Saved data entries
BEGIN
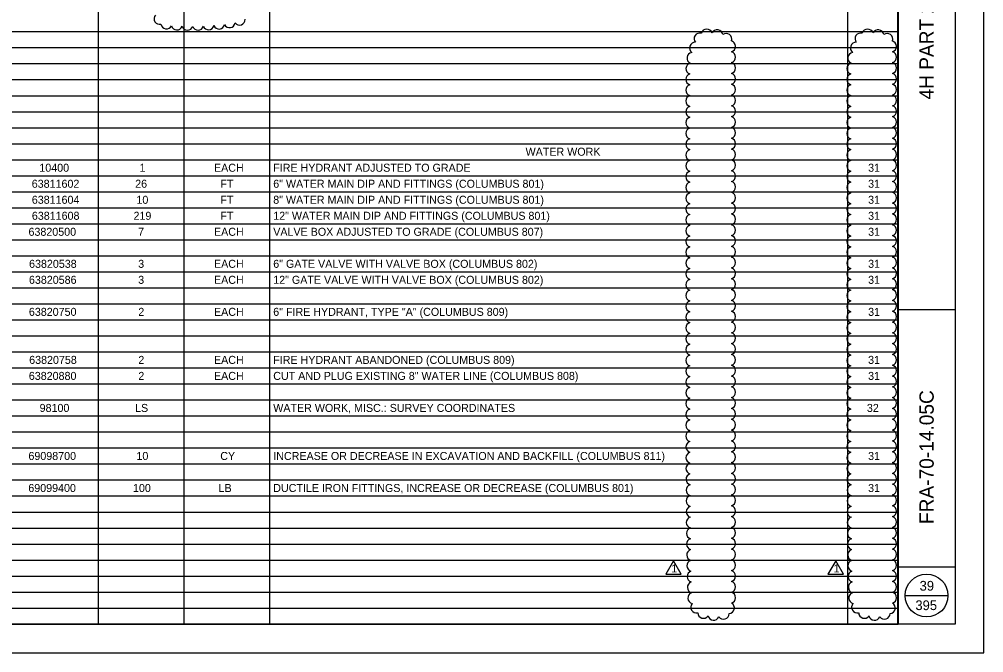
# Model space of a CAD drawing. Extents: x 0 to 34, y 0 to 22.
# Drawn here: x 17.12 to 34, y 0 to 11.08 of the extents above; entities that cross this region are included whole.
import ezdxf

# ---------------------------------------------------------------- set-up
doc = ezdxf.new("R2010")
doc.units = 0
for name, color, linetype in [('SH_Border', 7, 'Continuous'), ('SH_Cut_Line', 7, 'Continuous'), ('SH_Data', 7, 'Continuous'), ('SH_Text', 7, 'Continuous'), ('TX_P_1000', 7, 'Continuous')]:
    doc.layers.add(name, color=color, linetype=linetype)

msp = doc.modelspace()

# ---------------------------------------------------------------- linework, layer by layer
at = {"layer": 'SH_Border'}
for p, q in [((32.5, 0.5), (32.5, 21.5)), ((32.5, 6), (33.5, 6)), ((32.5, 1.5), (33.5, 1.5))]:
    msp.add_line(p, q, dxfattribs=at)
msp.add_lwpolyline([(2, 21.5), (33.5, 21.5), (33.5, 0.5), (2, 0.5)], close=True, dxfattribs=at)
at = {"layer": 'SH_Cut_Line'}
msp.add_lwpolyline([(0, 0), (34, 0), (34, 22), (0, 22)], close=True, dxfattribs=at)
at = {"layer": 'SH_Data'}
for p, q in [((18.504, 21.5), (18.504, 0.5)), ((20.002, 21.5), (20.002, 0.5)), ((21.501, 21.5), (21.501, 0.5)), ((31.614, 21.5), (31.614, 0.5)), ((32.504, 21.5), (32.504, 0.5)), ((2, 10.86), (32.504, 10.86)), ((2, 10.58), (32.504, 10.58)), ((2, 10.3), (32.504, 10.3)), ((2, 10.02), (32.504, 10.02)), ((2, 9.74), (32.504, 9.74)), ((2, 9.46), (32.504, 9.46)), ((2, 9.18), (32.504, 9.18)), ((2, 8.9), (32.504, 8.9)), ((2, 8.62), (32.504, 8.62)), ((2, 8.34), (32.504, 8.34)), ((2, 8.06), (32.504, 8.06)), ((2, 7.78), (32.504, 7.78)), ((2, 7.5), (32.504, 7.5)), ((2, 7.22), (32.504, 7.22)), ((2, 6.94), (32.504, 6.94)), ((2, 6.66), (32.504, 6.66)), ((2, 6.38), (32.504, 6.38)), ((2, 6.1), (32.504, 6.1)), ((2, 5.82), (32.504, 5.82)), ((2, 5.54), (32.504, 5.54)), ((2, 5.26), (32.504, 5.26)), ((2, 4.98), (32.504, 4.98)), ((2, 4.7), (32.504, 4.7)), ((2, 4.42), (32.504, 4.42)), ((2, 4.14), (32.504, 4.14)), ((2, 3.86), (32.504, 3.86)), ((2, 3.58), (32.504, 3.58)), ((2, 3.3), (32.504, 3.3)), ((2, 3.02), (32.504, 3.02)), ((2, 2.74), (32.504, 2.74)), ((2, 2.46), (32.504, 2.46)), ((2, 2.18), (32.504, 2.18)), ((2, 1.9), (32.504, 1.9)), ((2, 1.62), (32.504, 1.62)), ((2, 1.34), (32.504, 1.34)), ((2, 1.06), (32.504, 1.06)), ((32.625, 1), (33.375, 1)), ((2, 0.78), (32.504, 0.78)), ((2, 0.5), (32.504, 0.5))]:
    msp.add_line(p, q, dxfattribs=at)
msp.add_circle((33, 1), 0.375, dxfattribs=at)
at = {"layer": 'TX_P_1000'}
for points in [[(28.571, 1.608), (28.435, 1.372), (28.708, 1.372)], [(31.411, 1.608), (31.274, 1.372), (31.547, 1.372)]]:
    msp.add_lwpolyline(points, close=True, dxfattribs=at)
for centre, radius, start, end in [((19.578, 11.085), 0.0976, 139.2641, 284.2641), ((19.699, 11.005), 0.0976, 188.32, 333.32), ((20.62, 11.003), 0.0976, 202.8824, 347.8824), ((20.803, 11.026), 0.0976, 206.7346, 351.7346), ((20.977, 11.072), 0.0977, 217.3339, 2.3339), ((19.88, 10.986), 0.0976, 195.1082, 340.1082), ((20.065, 10.982), 0.0976, 197.1836, 342.1836), ((20.251, 10.983), 0.0976, 198.6029, 343.6029), ((20.436, 10.99), 0.0976, 200.3873, 345.3873), ((29.031, 10.736), 0.099, 74.4093, 219.4093), ((29.153, 10.805), 0.0991, 19.2496, 164.2496), ((29.336, 10.794), 0.0991, 9.041, 154.041), ((29.491, 10.729), 0.099, 340.6755, 125.6755), ((31.847, 10.736), 0.099, 74.4093, 219.4093), ((31.969, 10.805), 0.0991, 19.2496, 164.2496), ((32.152, 10.794), 0.0991, 9.041, 154.041), ((32.308, 10.729), 0.099, 340.6755, 125.6755), ((28.95, 10.574), 0.0991, 87.314, 232.314), ((29.557, 10.601), 0.0992, 288.6913, 73.6913), ((31.766, 10.574), 0.0991, 87.314, 232.314), ((32.373, 10.601), 0.0992, 288.6913, 73.6913), ((28.906, 10.398), 0.0991, 99.6335, 244.6335), ((29.559, 10.413), 0.0991, 287.5, 72.5), ((31.722, 10.398), 0.0991, 99.6335, 244.6335), ((32.375, 10.413), 0.0991, 287.5, 72.5), ((28.889, 10.213), 0.0991, 105.2456, 250.2456), ((29.559, 10.224), 0.0991, 287.5, 72.5), ((31.706, 10.213), 0.0991, 105.2456, 250.2456), ((32.375, 10.224), 0.0991, 287.5, 72.5), ((29.559, 10.035), 0.0991, 287.5, 72.5), ((32.375, 10.035), 0.0991, 287.5, 72.5), ((28.886, 10.025), 0.0991, 107.4797, 252.4797), ((31.702, 10.025), 0.0991, 107.4797, 252.4797), ((28.885, 9.836), 0.0991, 107.5, 252.5), ((29.559, 9.846), 0.0991, 287.5, 72.5), ((31.702, 9.836), 0.0991, 107.5, 252.5), ((32.375, 9.846), 0.0991, 287.5, 72.5), ((28.885, 9.647), 0.0991, 107.5, 252.5), ((29.559, 9.657), 0.0991, 287.5, 72.5), ((31.702, 9.647), 0.0991, 107.5, 252.5), ((32.375, 9.657), 0.0991, 287.5, 72.5), ((28.885, 9.458), 0.0991, 107.5, 252.5), ((29.559, 9.468), 0.0991, 287.5, 72.5), ((31.702, 9.458), 0.0991, 107.5, 252.5), ((32.375, 9.468), 0.0991, 287.5, 72.5), ((28.885, 9.269), 0.0991, 107.5, 252.5), ((29.559, 9.279), 0.0991, 287.5, 72.5), ((31.702, 9.269), 0.0991, 107.5, 252.5), ((32.375, 9.279), 0.0991, 287.5, 72.5), ((28.885, 9.08), 0.0991, 107.5, 252.5), ((29.559, 9.09), 0.0991, 287.5, 72.5), ((31.702, 9.08), 0.0991, 107.5, 252.5), ((32.375, 9.09), 0.0991, 287.5, 72.5), ((28.885, 8.891), 0.0991, 107.5, 252.5), ((29.559, 8.901), 0.0991, 287.5, 72.5), ((31.702, 8.891), 0.0991, 107.5, 252.5), ((32.375, 8.901), 0.0991, 287.5, 72.5), ((28.885, 8.702), 0.0991, 107.5, 252.5), ((29.559, 8.712), 0.0991, 287.5, 72.5), ((31.702, 8.702), 0.0991, 107.5, 252.5), ((32.375, 8.712), 0.0991, 287.5, 72.5), ((28.885, 8.513), 0.0991, 107.5, 252.5), ((29.559, 8.523), 0.0991, 287.5, 72.5), ((31.702, 8.513), 0.0991, 107.5, 252.5), ((32.375, 8.523), 0.0991, 287.5, 72.5), ((28.885, 8.324), 0.0991, 107.5, 252.5), ((29.559, 8.334), 0.0991, 287.5, 72.5), ((31.702, 8.324), 0.0991, 107.5, 252.5), ((32.375, 8.334), 0.0991, 287.5, 72.5), ((28.885, 8.135), 0.0991, 107.5, 252.5), ((29.559, 8.145), 0.0991, 287.5, 72.5), ((31.702, 8.135), 0.0991, 107.5, 252.5), ((32.375, 8.145), 0.0991, 287.5, 72.5), ((28.885, 7.946), 0.0991, 107.5, 252.5), ((29.559, 7.956), 0.0991, 287.5, 72.5), ((31.702, 7.946), 0.0991, 107.5, 252.5), ((32.375, 7.956), 0.0991, 287.5, 72.5), ((28.885, 7.757), 0.0991, 107.5, 252.5), ((29.559, 7.767), 0.0991, 287.5, 72.5), ((31.702, 7.757), 0.0991, 107.5, 252.5), ((32.375, 7.767), 0.0991, 287.5, 72.5), ((28.885, 7.568), 0.0991, 107.5, 252.5), ((29.559, 7.578), 0.0991, 287.5, 72.5), ((31.702, 7.568), 0.0991, 107.5, 252.5), ((32.375, 7.578), 0.0991, 287.5, 72.5), ((28.885, 7.379), 0.0991, 107.5, 252.5), ((29.559, 7.389), 0.0991, 287.5, 72.5), ((31.702, 7.379), 0.0991, 107.5, 252.5), ((32.375, 7.389), 0.0991, 287.5, 72.5), ((28.885, 7.19), 0.0991, 107.5, 252.5), ((29.559, 7.2), 0.0991, 287.5, 72.5), ((31.702, 7.19), 0.0991, 107.5, 252.5), ((32.375, 7.2), 0.0991, 287.5, 72.5), ((28.885, 7.001), 0.0991, 107.5, 252.5), ((29.559, 7.011), 0.0991, 287.5, 72.5), ((31.702, 7.001), 0.0991, 107.5, 252.5), ((32.375, 7.011), 0.0991, 287.5, 72.5), ((28.885, 6.812), 0.0991, 107.5, 252.5), ((29.559, 6.822), 0.0991, 287.5, 72.5), ((31.702, 6.812), 0.0991, 107.5, 252.5), ((32.375, 6.822), 0.0991, 287.5, 72.5), ((28.885, 6.623), 0.0991, 107.5, 252.5), ((29.559, 6.633), 0.0991, 287.5, 72.5), ((31.702, 6.623), 0.0991, 107.5, 252.5), ((32.375, 6.633), 0.0991, 287.5, 72.5), ((28.885, 6.434), 0.0991, 107.5, 252.5), ((29.559, 6.444), 0.0991, 287.5, 72.5), ((31.702, 6.434), 0.0991, 107.5, 252.5), ((32.375, 6.444), 0.0991, 287.5, 72.5), ((28.885, 6.245), 0.0991, 107.5, 252.5), ((29.559, 6.255), 0.0991, 287.5, 72.5), ((31.702, 6.245), 0.0991, 107.5, 252.5), ((32.375, 6.255), 0.0991, 287.5, 72.5), ((28.885, 6.056), 0.0991, 107.5, 252.5), ((29.559, 6.066), 0.0991, 287.5, 72.5), ((31.702, 6.056), 0.0991, 107.5, 252.5), ((32.375, 6.066), 0.0991, 287.5, 72.5), ((28.885, 5.867), 0.0991, 107.5, 252.5), ((29.559, 5.877), 0.0991, 287.5, 72.5), ((31.702, 5.867), 0.0991, 107.5, 252.5), ((32.375, 5.877), 0.0991, 287.5, 72.5), ((28.885, 5.678), 0.0991, 107.5, 252.5), ((29.559, 5.688), 0.0991, 287.5, 72.5), ((31.702, 5.678), 0.0991, 107.5, 252.5), ((32.375, 5.688), 0.0991, 287.5, 72.5), ((28.885, 5.489), 0.0991, 107.5, 252.5), ((29.559, 5.499), 0.0991, 287.5, 72.5), ((31.702, 5.489), 0.0991, 107.5, 252.5), ((32.375, 5.499), 0.0991, 287.5, 72.5), ((29.559, 5.31), 0.0991, 287.5, 72.5), ((32.375, 5.31), 0.0991, 287.5, 72.5), ((28.885, 5.3), 0.0991, 107.5, 252.5), ((31.702, 5.3), 0.0991, 107.5, 252.5), ((28.886, 5.111), 0.0991, 107.5091, 252.5091), ((29.559, 5.121), 0.0991, 287.5, 72.5), ((31.702, 5.111), 0.0991, 107.5091, 252.5091), ((32.375, 5.121), 0.0991, 287.5, 72.5), ((28.886, 4.922), 0.0991, 107.5258, 252.5258), ((29.559, 4.932), 0.0991, 287.5, 72.5), ((31.702, 4.922), 0.0991, 107.5258, 252.5258), ((32.375, 4.932), 0.0991, 287.5, 72.5), ((28.886, 4.733), 0.0991, 107.5437, 252.5437), ((29.559, 4.743), 0.0991, 287.5, 72.5), ((31.702, 4.733), 0.0991, 107.5437, 252.5437), ((32.375, 4.743), 0.0991, 287.5, 72.5), ((28.886, 4.544), 0.0991, 107.5629, 252.5629), ((29.559, 4.554), 0.0991, 287.5, 72.5), ((31.702, 4.544), 0.0991, 107.5629, 252.5629), ((32.375, 4.554), 0.0991, 287.5, 72.5), ((28.886, 4.355), 0.0991, 107.5836, 252.5836), ((29.559, 4.365), 0.0991, 287.5, 72.5), ((31.703, 4.355), 0.0991, 107.5836, 252.5836), ((32.375, 4.365), 0.0991, 287.5, 72.5), ((28.886, 4.166), 0.0991, 107.606, 252.606), ((29.559, 4.176), 0.0991, 287.5, 72.5), ((31.703, 4.166), 0.0991, 107.606, 252.606), ((32.375, 4.176), 0.0991, 287.5, 72.5), ((28.887, 3.977), 0.0991, 107.6303, 252.6303), ((29.559, 3.987), 0.0991, 287.5, 72.5), ((31.703, 3.977), 0.0991, 107.6303, 252.6303), ((32.375, 3.987), 0.0991, 287.5, 72.5), ((28.887, 3.788), 0.0991, 107.6568, 252.6568), ((29.559, 3.797), 0.0991, 287.5, 72.5), ((31.704, 3.788), 0.0991, 107.6568, 252.6568), ((32.375, 3.797), 0.0991, 287.5, 72.5), ((28.888, 3.599), 0.0991, 107.6859, 252.6859), ((29.559, 3.608), 0.0991, 287.5, 72.5), ((31.704, 3.599), 0.0991, 107.6859, 252.6859), ((32.375, 3.608), 0.0991, 287.5, 72.5), ((28.889, 3.41), 0.0991, 107.718, 252.718), ((29.559, 3.419), 0.0991, 287.5, 72.5), ((31.705, 3.41), 0.0991, 107.718, 252.718), ((32.375, 3.419), 0.0991, 287.5, 72.5), ((28.889, 3.221), 0.0991, 107.7537, 252.7537), ((29.559, 3.23), 0.0991, 287.5, 72.5), ((31.706, 3.221), 0.0991, 107.7537, 252.7537), ((32.375, 3.23), 0.0991, 287.5, 72.5), ((28.89, 3.032), 0.0991, 107.7938, 252.7938), ((29.559, 3.041), 0.0991, 287.5, 72.5), ((31.707, 3.032), 0.0991, 107.7938, 252.7938), ((32.375, 3.041), 0.0991, 287.5, 72.5), ((28.891, 2.843), 0.0991, 107.8391, 252.8391), ((29.559, 2.852), 0.0991, 287.5, 72.5), ((31.708, 2.843), 0.0991, 107.8391, 252.8391), ((32.375, 2.852), 0.0991, 287.5, 72.5), ((28.892, 2.654), 0.0991, 107.8909, 252.8909), ((29.559, 2.663), 0.0991, 287.5, 72.5), ((31.709, 2.654), 0.0991, 107.8909, 252.8909), ((32.375, 2.663), 0.0991, 287.5, 72.5), ((28.894, 2.465), 0.0991, 107.951, 252.951), ((29.559, 2.474), 0.0991, 287.5, 72.5), ((31.71, 2.465), 0.0991, 107.951, 252.951), ((32.375, 2.474), 0.0991, 287.5, 72.5), ((28.895, 2.276), 0.0991, 108.0219, 253.0219), ((29.559, 2.285), 0.0991, 287.5, 72.5), ((31.712, 2.276), 0.0991, 108.0219, 253.0219), ((32.375, 2.285), 0.0991, 287.5, 72.5), ((28.897, 2.087), 0.0991, 108.1071, 253.1071), ((29.559, 2.096), 0.0991, 287.5, 72.5), ((31.714, 2.087), 0.0991, 108.1071, 253.1071), ((32.375, 2.096), 0.0991, 287.5, 72.5), ((28.899, 1.898), 0.0991, 108.2123, 253.2123), ((29.559, 1.907), 0.0991, 287.5, 72.5), ((31.716, 1.898), 0.0991, 108.2123, 253.2123), ((32.375, 1.907), 0.0991, 287.5, 72.5), ((28.902, 1.709), 0.0991, 108.3469, 253.3469), ((29.559, 1.718), 0.0991, 287.5, 72.5), ((31.719, 1.709), 0.0991, 108.3469, 253.3469), ((32.375, 1.718), 0.0991, 287.5, 72.5), ((28.905, 1.521), 0.0991, 108.5276, 253.5276), ((29.559, 1.529), 0.0991, 287.5, 72.5), ((31.722, 1.521), 0.0991, 108.5276, 253.5276), ((32.375, 1.529), 0.0991, 287.5, 72.5), ((28.909, 1.332), 0.0991, 108.7891, 253.7891), ((29.559, 1.34), 0.0991, 287.5, 72.5), ((31.725, 1.332), 0.0991, 108.7891, 253.7891), ((32.375, 1.34), 0.0991, 287.5, 72.5), ((28.914, 1.143), 0.0991, 109.2189, 254.2189), ((29.559, 1.151), 0.0991, 287.5, 72.5), ((31.73, 1.143), 0.0991, 109.2189, 254.2189), ((32.375, 1.151), 0.0991, 287.5, 72.5), ((28.921, 0.955), 0.0991, 110.1571, 255.1571), ((29.559, 0.962), 0.0991, 287.5, 72.5), ((31.738, 0.955), 0.0991, 110.1571, 255.1571), ((32.375, 0.962), 0.0991, 287.5, 72.5), ((28.971, 0.794), 0.0991, 139.2663, 284.2663), ((29.538, 0.783), 0.0991, 274.2898, 59.2898), ((31.787, 0.794), 0.0991, 139.2663, 284.2663), ((32.354, 0.783), 0.0991, 274.2898, 59.2898), ((29.094, 0.7), 0.0991, 180.783, 325.783), ((29.446, 0.685), 0.0991, 214.5703, 359.5703), ((31.911, 0.7), 0.0991, 180.783, 325.783), ((32.263, 0.685), 0.0991, 214.5703, 359.5703), ((29.273, 0.666), 0.0991, 192.8167, 337.8167), ((32.089, 0.666), 0.0991, 192.8167, 337.8167)]:
    msp.add_arc(centre, radius, start, end, dxfattribs=at)

# ---------------------------------------------------------------- texts
at = {"layer": 'SH_Data'}
for s, p in [('4H PART 2 GENERAL SUMMARY', (33.125, 9.672)), ('FRA-70-14.05C', (33.125, 2.249))]:
    msp.add_text(s, height=0.25, rotation=90, dxfattribs=at).set_placement(p)
at = {"layer": 'SH_Text'}
for s, height, p in [('WATER WORK', 0.14, (25.983, 8.69)), ('10400', 0.14, (17.474, 8.41)), ('1', 0.14, (19.227, 8.41)), ('EACH', 0.14, (20.53, 8.41)), ('FIRE HYDRANT ADJUSTED TO GRADE', 0.14, (21.567, 8.41)), ('31', 0.14, (31.977, 8.41)), ('63811602', 0.14, (17.341, 8.13)), ('26', 0.14, (19.151, 8.13)), ('FT', 0.14, (20.642, 8.13)), ('6" WATER MAIN DIP AND FITTINGS (COLUMBUS 801)', 0.14, (21.567, 8.13)), ('31', 0.14, (31.977, 8.13)), ('63811604', 0.14, (17.342, 7.85)), ('10', 0.14, (19.173, 7.85)), ('FT', 0.14, (20.642, 7.85)), ('8" WATER MAIN DIP AND FITTINGS (COLUMBUS 801)', 0.14, (21.567, 7.85)), ('31', 0.14, (31.977, 7.85)), ('63811608', 0.14, (17.343, 7.57)), ('219', 0.14, (19.122, 7.57)), ('FT', 0.14, (20.642, 7.57)), ('12" WATER MAIN DIP AND FITTINGS (COLUMBUS 801)', 0.14, (21.567, 7.57)), ('31', 0.14, (31.977, 7.57)), ('63820500', 0.14, (17.284, 7.29)), ('7', 0.14, (19.202, 7.29)), ('EACH', 0.14, (20.53, 7.29)), ('VALVE BOX ADJUSTED TO GRADE (COLUMBUS 807)', 0.14, (21.567, 7.29)), ('31', 0.14, (31.977, 7.29)), ('63820538', 0.14, (17.294, 6.73)), ('3', 0.14, (19.204, 6.73)), ('EACH', 0.14, (20.53, 6.73)), ('6" GATE VALVE WITH VALVE BOX (COLUMBUS 802)', 0.14, (21.567, 6.73)), ('31', 0.14, (31.977, 6.73)), ('63820586', 0.14, (17.292, 6.45)), ('3', 0.14, (19.204, 6.45)), ('EACH', 0.14, (20.53, 6.45)), ('12" GATE VALVE WITH VALVE BOX (COLUMBUS 802)', 0.14, (21.567, 6.45)), ('31', 0.14, (31.977, 6.45)), ('63820750', 0.14, (17.291, 5.89)), ('2', 0.14, (19.206, 5.89)), ('EACH', 0.14, (20.53, 5.89)), ('6" FIRE HYDRANT, TYPE "A" (COLUMBUS 809)', 0.14, (21.567, 5.89)), ('31', 0.14, (31.977, 5.89)), ('63820758', 0.14, (17.296, 5.05)), ('2', 0.14, (19.206, 5.05)), ('EACH', 0.14, (20.53, 5.05)), ('FIRE HYDRANT ABANDONED (COLUMBUS 809)', 0.14, (21.567, 5.05)), ('31', 0.14, (31.977, 5.05)), ('63820880', 0.14, (17.29, 4.77)), ('2', 0.14, (19.206, 4.77)), ('EACH', 0.14, (20.53, 4.77)), ('CUT AND PLUG EXISTING 8" WATER LINE (COLUMBUS 808)', 0.14, (21.567, 4.77)), ('31', 0.14, (31.977, 4.77)), ('98100', 0.14, (17.479, 4.21)), ('LS', 0.14, (19.149, 4.21)), ('WATER WORK, MISC.: SURVEY COORDINATES', 0.14, (21.567, 4.21)), ('32', 0.14, (31.956, 4.21)), ('69098700', 0.14, (17.283, 3.37)), ('10', 0.14, (19.173, 3.37)), ('CY', 0.14, (20.64, 3.37)), ('INCREASE OR DECREASE IN EXCAVATION AND BACKFILL (COLUMBUS 811)', 0.14, (21.567, 3.37)), ('31', 0.14, (31.977, 3.37)), ('69099400', 0.14, (17.281, 2.81)), ('100', 0.14, (19.113, 2.81)), ('LB ', 0.14, (20.61, 2.81)), ('DUCTILE IRON FITTINGS, INCREASE OR DECREASE (COLUMBUS 801)', 0.14, (21.567, 2.81)), ('31', 0.14, (31.977, 2.81)), ('39', 0.17, (32.878, 1.085)), ('395', 0.17, (32.804, 0.745))]:
    msp.add_text(s, height=height, dxfattribs=at).set_placement(p)
at = {"layer": 'TX_P_1000'}
for p in [(28.532, 1.403), (31.372, 1.403)]:
    msp.add_text('1', height=0.14, rotation=360, dxfattribs=at).set_placement(p)

doc.saveas('drawing.dxf')
END
> **Assignment**
Look through the entries above. Copy out every line holding the word "rotation".

> **Result of this exercise**
    msp.add_text(s, height=0.25, rotation=90, dxfattribs=at).set_placement(p)
    msp.add_text('1', height=0.14, rotation=360, dxfattribs=at).set_placement(p)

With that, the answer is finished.